● **ACTIVITY**:
Although the entries contain pictures, repeat only their words, exactly as written.

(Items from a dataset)
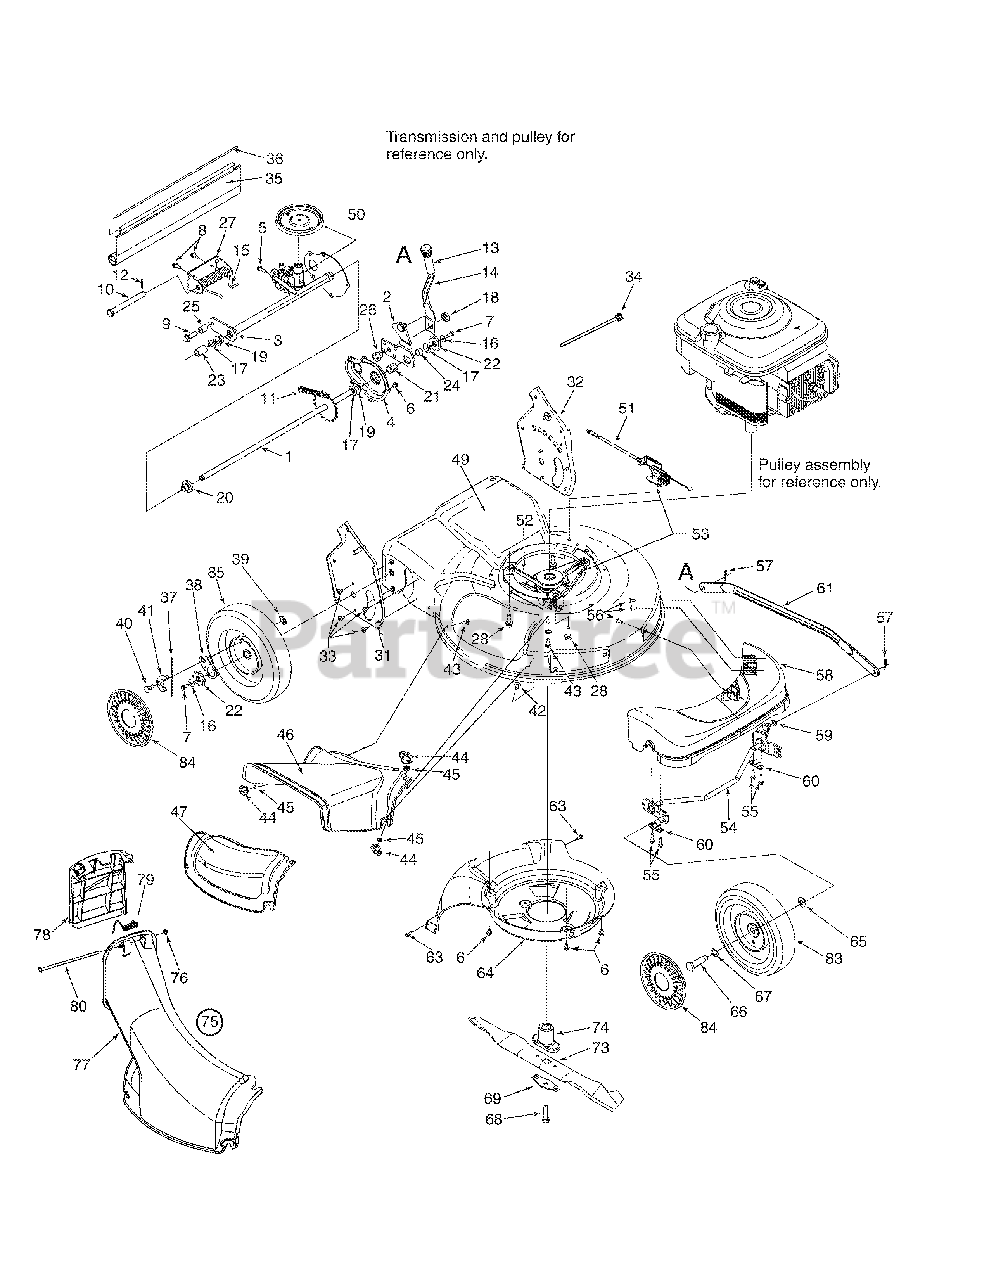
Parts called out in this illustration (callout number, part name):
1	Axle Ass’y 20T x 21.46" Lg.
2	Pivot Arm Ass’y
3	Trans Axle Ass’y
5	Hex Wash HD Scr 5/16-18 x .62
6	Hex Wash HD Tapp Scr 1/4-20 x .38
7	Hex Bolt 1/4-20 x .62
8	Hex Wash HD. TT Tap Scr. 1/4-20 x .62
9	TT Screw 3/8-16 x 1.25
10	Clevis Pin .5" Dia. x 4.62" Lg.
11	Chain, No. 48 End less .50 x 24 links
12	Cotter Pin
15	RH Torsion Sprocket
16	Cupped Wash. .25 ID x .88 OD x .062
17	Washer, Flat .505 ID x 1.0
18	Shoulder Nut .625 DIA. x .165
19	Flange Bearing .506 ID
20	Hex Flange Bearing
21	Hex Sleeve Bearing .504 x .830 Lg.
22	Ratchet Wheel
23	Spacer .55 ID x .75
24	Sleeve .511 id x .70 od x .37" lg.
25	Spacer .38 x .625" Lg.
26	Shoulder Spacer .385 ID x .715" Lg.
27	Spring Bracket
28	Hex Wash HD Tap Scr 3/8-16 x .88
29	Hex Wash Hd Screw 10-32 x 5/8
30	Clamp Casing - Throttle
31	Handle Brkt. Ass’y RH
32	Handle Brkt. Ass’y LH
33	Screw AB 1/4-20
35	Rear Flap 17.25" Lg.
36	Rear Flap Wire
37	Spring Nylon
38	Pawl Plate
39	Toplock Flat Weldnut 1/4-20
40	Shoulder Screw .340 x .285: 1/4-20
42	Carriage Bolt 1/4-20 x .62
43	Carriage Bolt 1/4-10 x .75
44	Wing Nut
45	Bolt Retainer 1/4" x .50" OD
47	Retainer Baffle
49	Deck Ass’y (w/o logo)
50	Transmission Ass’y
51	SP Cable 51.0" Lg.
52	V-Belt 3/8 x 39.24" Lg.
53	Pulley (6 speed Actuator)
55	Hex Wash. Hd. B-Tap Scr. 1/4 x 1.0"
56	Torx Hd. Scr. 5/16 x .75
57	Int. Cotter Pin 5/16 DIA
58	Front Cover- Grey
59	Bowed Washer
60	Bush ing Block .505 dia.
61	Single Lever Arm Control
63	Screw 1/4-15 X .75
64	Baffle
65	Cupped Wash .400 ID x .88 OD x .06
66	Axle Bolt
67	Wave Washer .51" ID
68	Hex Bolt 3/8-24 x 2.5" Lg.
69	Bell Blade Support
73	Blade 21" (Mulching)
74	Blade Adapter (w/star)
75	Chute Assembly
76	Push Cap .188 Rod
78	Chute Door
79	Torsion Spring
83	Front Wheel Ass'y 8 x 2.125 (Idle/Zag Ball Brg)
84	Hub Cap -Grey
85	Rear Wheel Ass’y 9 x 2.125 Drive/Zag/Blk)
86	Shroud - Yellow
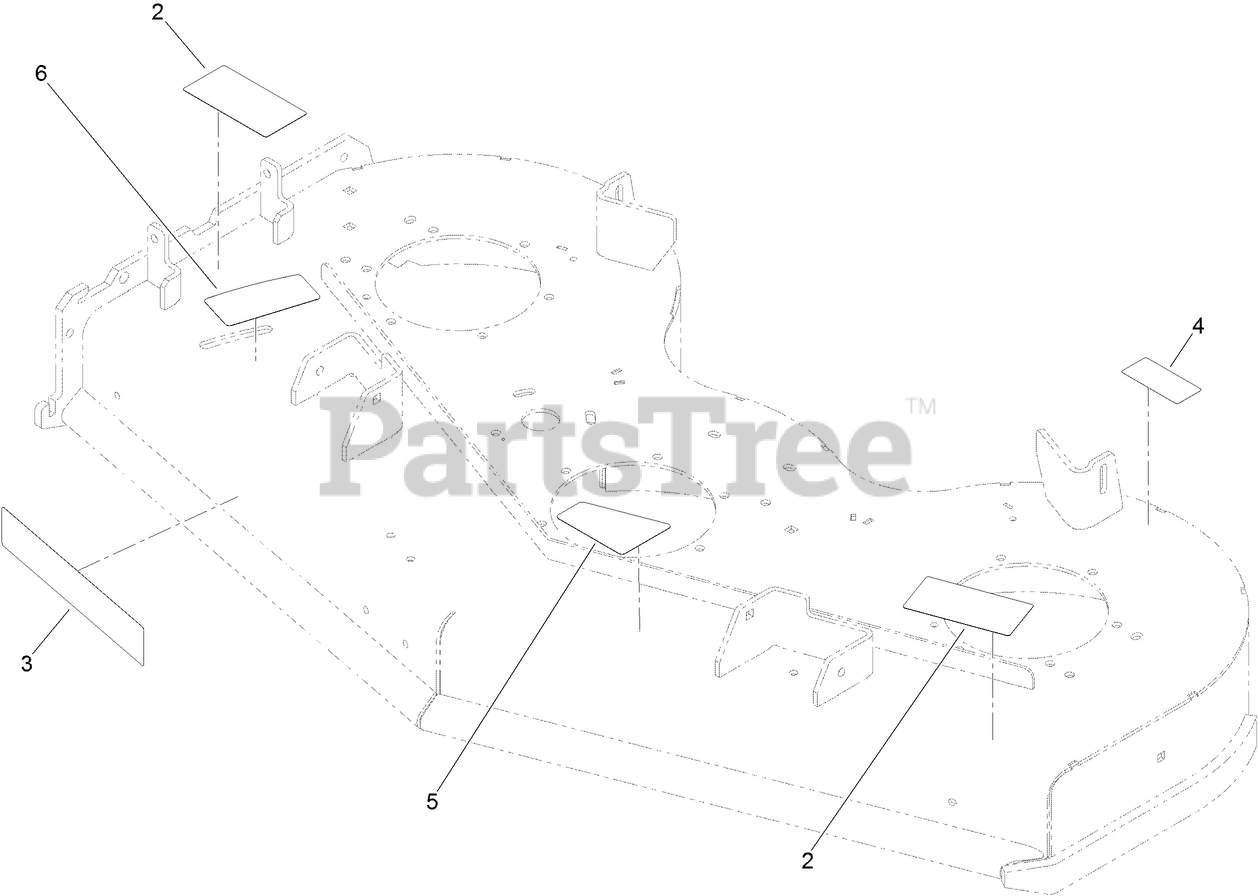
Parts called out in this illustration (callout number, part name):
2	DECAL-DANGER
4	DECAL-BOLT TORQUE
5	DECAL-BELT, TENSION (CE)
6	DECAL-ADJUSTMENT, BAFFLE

● **ANSWER SECTION**:
Parts called out in this illustration (callout number, part name):
1	Axle Ass’y 20T x 21.46" Lg.
2	Pivot Arm Ass’y
3	Trans Axle Ass’y
5	Hex Wash HD Scr 5/16-18 x .62
6	Hex Wash HD Tapp Scr 1/4-20 x .38
7	Hex Bolt 1/4-20 x .62
8	Hex Wash HD. TT Tap Scr. 1/4-20 x .62
9	TT Screw 3/8-16 x 1.25
10	Clevis Pin .5" Dia. x 4.62" Lg.
11	Chain, No. 48 End less .50 x 24 links
12	Cotter Pin
15	RH Torsion Sprocket
16	Cupped Wash. .25 ID x .88 OD x .062
17	Washer, Flat .505 ID x 1.0
18	Shoulder Nut .625 DIA. x .165
19	Flange Bearing .506 ID
20	Hex Flange Bearing
21	Hex Sleeve Bearing .504 x .830 Lg.
22	Ratchet Wheel
23	Spacer .55 ID x .75
24	Sleeve .511 id x .70 od x .37" lg.
25	Spacer .38 x .625" Lg.
26	Shoulder Spacer .385 ID x .715" Lg.
27	Spring Bracket
28	Hex Wash HD Tap Scr 3/8-16 x .88
29	Hex Wash Hd Screw 10-32 x 5/8
30	Clamp Casing - Throttle
31	Handle Brkt. Ass’y RH
32	Handle Brkt. Ass’y LH
33	Screw AB 1/4-20
35	Rear Flap 17.25" Lg.
36	Rear Flap Wire
37	Spring Nylon
38	Pawl Plate
39	Toplock Flat Weldnut 1/4-20
40	Shoulder Screw .340 x .285: 1/4-20
42	Carriage Bolt 1/4-20 x .62
43	Carriage Bolt 1/4-10 x .75
44	Wing Nut
45	Bolt Retainer 1/4" x .50" OD
47	Retainer Baffle
49	Deck Ass’y (w/o logo)
50	Transmission Ass’y
51	SP Cable 51.0" Lg.
52	V-Belt 3/8 x 39.24" Lg.
53	Pulley (6 speed Actuator)
55	Hex Wash. Hd. B-Tap Scr. 1/4 x 1.0"
56	Torx Hd. Scr. 5/16 x .75
57	Int. Cotter Pin 5/16 DIA
58	Front Cover- Grey
59	Bowed Washer
60	Bush ing Block .505 dia.
61	Single Lever Arm Control
63	Screw 1/4-15 X .75
64	Baffle
65	Cupped Wash .400 ID x .88 OD x .06
66	Axle Bolt
67	Wave Washer .51" ID
68	Hex Bolt 3/8-24 x 2.5" Lg.
69	Bell Blade Support
73	Blade 21" (Mulching)
74	Blade Adapter (w/star)
75	Chute Assembly
76	Push Cap .188 Rod
78	Chute Door
79	Torsion Spring
83	Front Wheel Ass'y 8 x 2.125 (Idle/Zag Ball Brg)
84	Hub Cap -Grey
85	Rear Wheel Ass’y 9 x 2.125 Drive/Zag/Blk)
86	Shroud - Yellow
Parts called out in this illustration (callout number, part name):
2	DECAL-DANGER
4	DECAL-BOLT TORQUE
5	DECAL-BELT, TENSION (CE)
6	DECAL-ADJUSTMENT, BAFFLE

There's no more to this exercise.